DIRECTIONS: If a picture appears in the records, leave it out and transcribe the rest exactly.

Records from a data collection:
____________

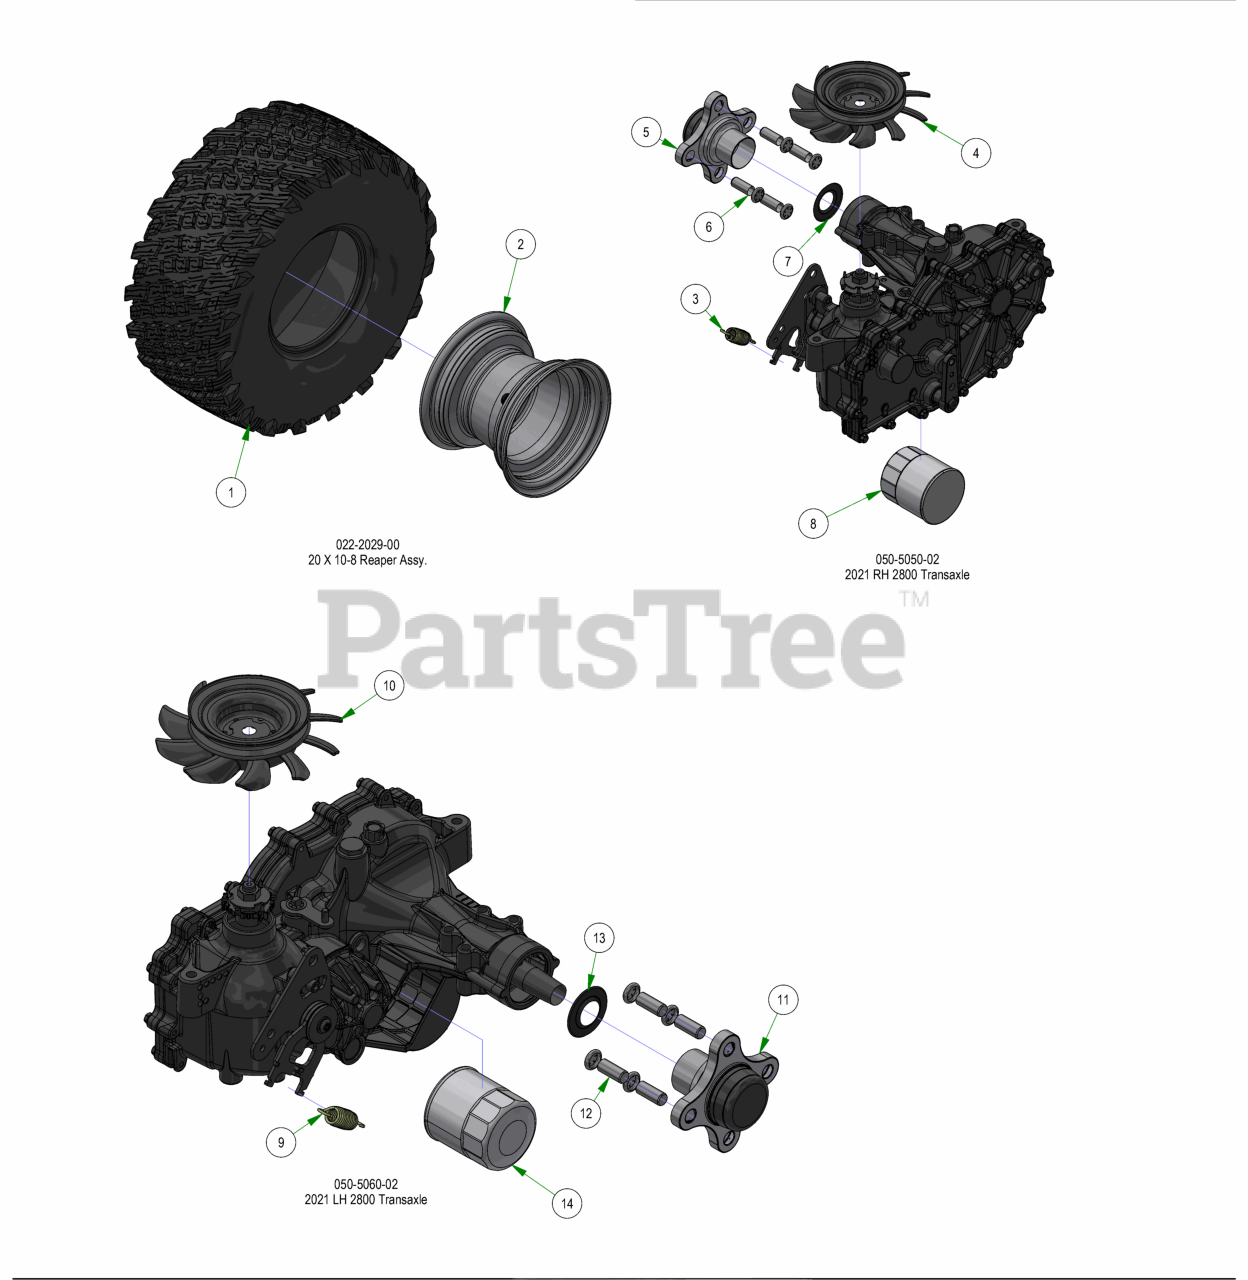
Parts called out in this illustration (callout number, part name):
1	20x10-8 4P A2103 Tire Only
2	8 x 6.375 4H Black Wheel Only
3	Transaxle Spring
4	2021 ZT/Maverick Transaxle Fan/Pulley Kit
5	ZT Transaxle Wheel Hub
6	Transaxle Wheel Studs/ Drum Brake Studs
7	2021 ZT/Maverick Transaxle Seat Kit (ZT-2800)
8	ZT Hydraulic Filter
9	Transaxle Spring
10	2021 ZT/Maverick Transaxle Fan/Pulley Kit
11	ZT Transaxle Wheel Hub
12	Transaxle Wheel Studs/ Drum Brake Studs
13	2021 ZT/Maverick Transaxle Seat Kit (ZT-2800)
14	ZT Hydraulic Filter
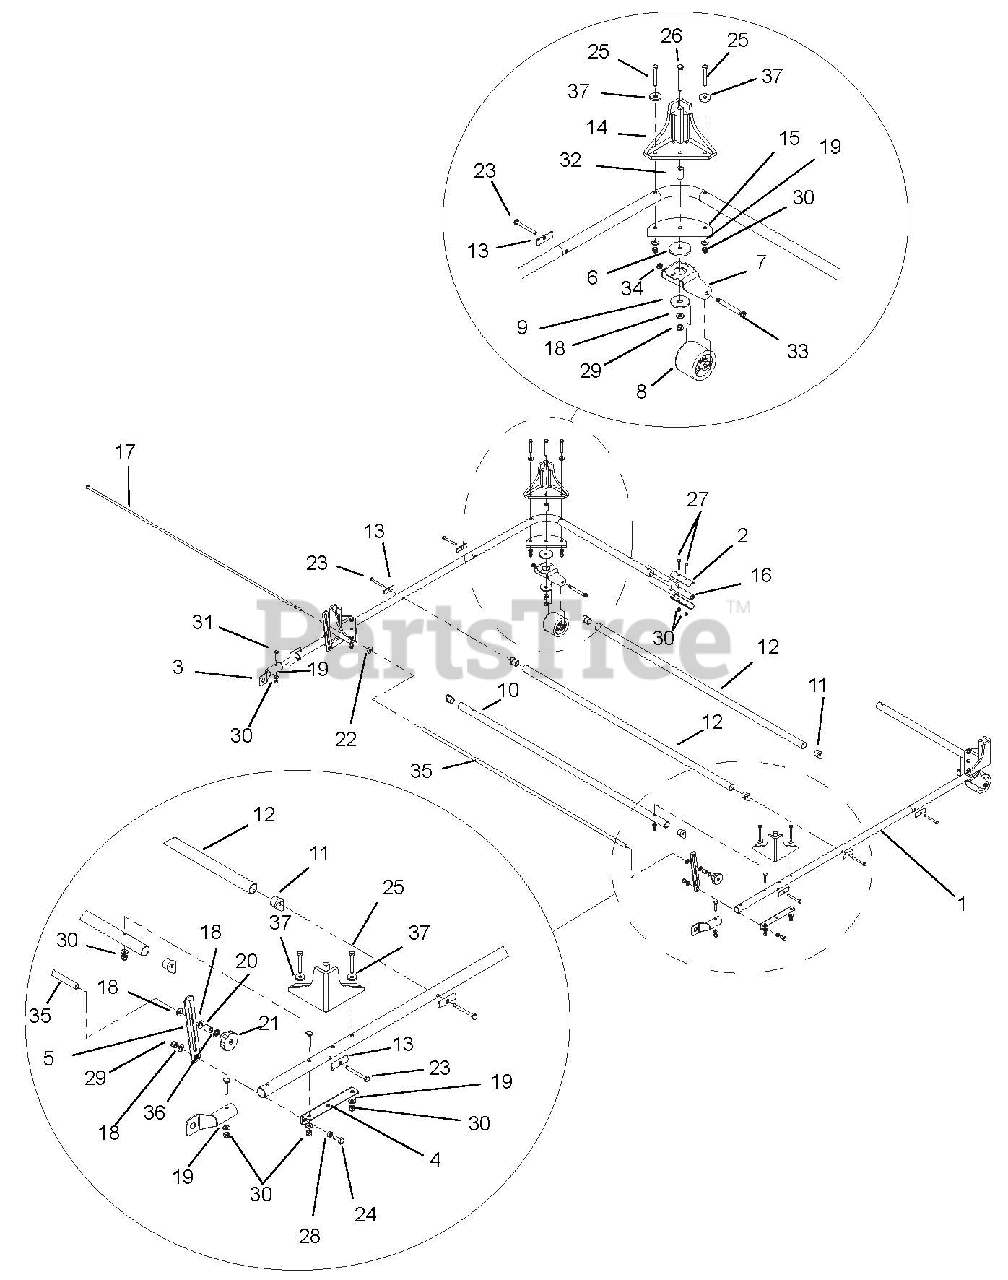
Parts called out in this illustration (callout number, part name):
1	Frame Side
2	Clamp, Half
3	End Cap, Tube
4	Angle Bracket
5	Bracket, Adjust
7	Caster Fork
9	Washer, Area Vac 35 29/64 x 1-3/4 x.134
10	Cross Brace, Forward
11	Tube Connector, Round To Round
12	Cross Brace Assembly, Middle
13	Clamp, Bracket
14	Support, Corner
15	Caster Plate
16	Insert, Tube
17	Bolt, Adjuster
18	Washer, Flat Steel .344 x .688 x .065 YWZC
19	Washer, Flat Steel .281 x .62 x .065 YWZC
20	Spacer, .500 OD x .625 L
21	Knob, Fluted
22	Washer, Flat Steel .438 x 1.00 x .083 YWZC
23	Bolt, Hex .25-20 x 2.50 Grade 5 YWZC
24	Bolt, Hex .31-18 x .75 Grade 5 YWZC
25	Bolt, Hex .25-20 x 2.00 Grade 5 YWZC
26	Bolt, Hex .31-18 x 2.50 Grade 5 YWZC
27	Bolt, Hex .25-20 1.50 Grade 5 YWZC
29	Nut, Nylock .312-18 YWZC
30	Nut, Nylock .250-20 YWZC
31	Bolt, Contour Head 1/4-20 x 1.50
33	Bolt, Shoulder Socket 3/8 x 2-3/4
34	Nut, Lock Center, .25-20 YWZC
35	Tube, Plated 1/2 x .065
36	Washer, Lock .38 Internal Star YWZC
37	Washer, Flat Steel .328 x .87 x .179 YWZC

____________

RESPONSE TO THE TASK:
Parts called out in this illustration (callout number, part name):
1	20x10-8 4P A2103 Tire Only
2	8 x 6.375 4H Black Wheel Only
3	Transaxle Spring
4	2021 ZT/Maverick Transaxle Fan/Pulley Kit
5	ZT Transaxle Wheel Hub
6	Transaxle Wheel Studs/ Drum Brake Studs
7	2021 ZT/Maverick Transaxle Seat Kit (ZT-2800)
8	ZT Hydraulic Filter
9	Transaxle Spring
10	2021 ZT/Maverick Transaxle Fan/Pulley Kit
11	ZT Transaxle Wheel Hub
12	Transaxle Wheel Studs/ Drum Brake Studs
13	2021 ZT/Maverick Transaxle Seat Kit (ZT-2800)
14	ZT Hydraulic Filter
Parts called out in this illustration (callout number, part name):
1	Frame Side
2	Clamp, Half
3	End Cap, Tube
4	Angle Bracket
5	Bracket, Adjust
7	Caster Fork
9	Washer, Area Vac 35 29/64 x 1-3/4 x.134
10	Cross Brace, Forward
11	Tube Connector, Round To Round
12	Cross Brace Assembly, Middle
13	Clamp, Bracket
14	Support, Corner
15	Caster Plate
16	Insert, Tube
17	Bolt, Adjuster
18	Washer, Flat Steel .344 x .688 x .065 YWZC
19	Washer, Flat Steel .281 x .62 x .065 YWZC
20	Spacer, .500 OD x .625 L
21	Knob, Fluted
22	Washer, Flat Steel .438 x 1.00 x .083 YWZC
23	Bolt, Hex .25-20 x 2.50 Grade 5 YWZC
24	Bolt, Hex .31-18 x .75 Grade 5 YWZC
25	Bolt, Hex .25-20 x 2.00 Grade 5 YWZC
26	Bolt, Hex .31-18 x 2.50 Grade 5 YWZC
27	Bolt, Hex .25-20 1.50 Grade 5 YWZC
29	Nut, Nylock .312-18 YWZC
30	Nut, Nylock .250-20 YWZC
31	Bolt, Contour Head 1/4-20 x 1.50
33	Bolt, Shoulder Socket 3/8 x 2-3/4
34	Nut, Lock Center, .25-20 YWZC
35	Tube, Plated 1/2 x .065
36	Washer, Lock .38 Internal Star YWZC
37	Washer, Flat Steel .328 x .87 x .179 YWZC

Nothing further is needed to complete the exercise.